News: Government is 'institutionally biased' against Christian refugees from Syria, claims former Archbishop of Canterbury



Lord Carey: 'The British government is not just breaking its manifesto pledge to look after Christian refugees, it also appears to be breaking the law' Credit: Greg Blatchford /Alamy Live News

 


ishtartv.com - telegraph.co.uk

Olivia Rudgard, 13 April 2017

 

Lord Carey claimed that "politically correct" officials were "institutionally biased" against Christian refugees, who are underrepresented in the numbers being moved to the UK. 

His comments came as Russian and American diplomats agreed to restore dialogue over the crisis in Syria following a week of escalating tensions that ended in Donald Trump and Vladimir Putin exchanging barely veiled insults.

Rex Tillerson, the US Secretary of State, and Sergey Lavrov, the Russian foreign minister, said both countries would back a UN investigation into last week’s deadly poison gas attack in the country's northwestern Idlib province.

The statements came after marathon talks in Moscow which included a two-hour discussion in which Mr Tillerson tried to persuade Russian president Vladimir Putin to abandon support for Syrian president Bashar al-Assad.  

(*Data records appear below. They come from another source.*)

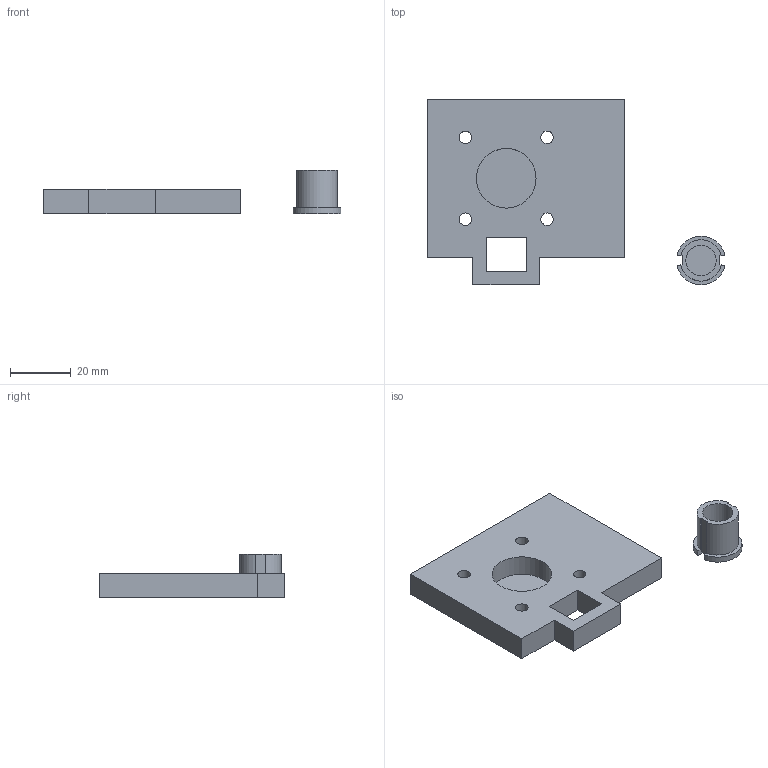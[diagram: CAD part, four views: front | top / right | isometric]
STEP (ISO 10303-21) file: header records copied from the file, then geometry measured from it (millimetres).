
FILE_DESCRIPTION(/* description */ (''),/* implementation_level */ '2;1');
FILE_NAME(/* name */ 'JOB03_PRINT.step',/* time_stamp */ '2026-11-14T21:40:02-08:00',/* author */ (''),/* organization */ (''),/* preprocessor_version */ 'ST-DEVELOPER v20.2',/* originating_system */ 'Autodesk Translation Framework v15.17.0.0',/* authorisation */ '');
FILE_SCHEMA (('AUTOMOTIVE_DESIGN { 1 0 10303 214 3 1 1 }'));
Length unit declared in the file: millimetre
Products named in the file (1): 2026-11-14-21-40-02-066
Bounding box: 97.86 x 61 x 14.3 mm (x, y, z)
Volume: 26030.6 mm3; surface area: 11451 mm2
Topology: 2 solids, 2 shells, 36 faces, 90 edges, 60 vertices
Faces by surface type: plane 26, cylinder 10
Full cylindrical faces by diameter (mm): 4.1 x4, 10 x1, 19.6 x1
Entity records: 1126 total; most frequent: CARTESIAN_POINT 187, DIRECTION 184, ORIENTED_EDGE 180, EDGE_CURVE 90, LINE 70, VECTOR 70, VERTEX_POINT 60, AXIS2_PLACEMENT_3D 57

Figures show that less than 1 per cent of the Syrian refugees resettled under a flagship Government scheme in the third quarter of last year were Christians.   

Lord Carey said: “In the run-up to Easter British taxpayers will be appalled by this institutional bias against Christians by politically correct officials.

"In this the British government is not just breaking its manifesto pledge to look after Christian refugees, it also appears to be breaking the law.”

His view is supported by a legal opinion from a human rights barrister which suggests that Syrian Christians are subject to "indirect discrimination" under European human rights laws. 

Christians have been targeted by Isil in Syria alongside other minority groups including Yazidis and Shia Muslims.

Members of these groups have been killed, tortured and driven from their homes. 

But figures from Christian charity Barnabas Fund show that the Government's Vulnerable Persons Relocation Scheme, which resettles refugees from Syria, has accepted a tiny number of Christians since September 2015.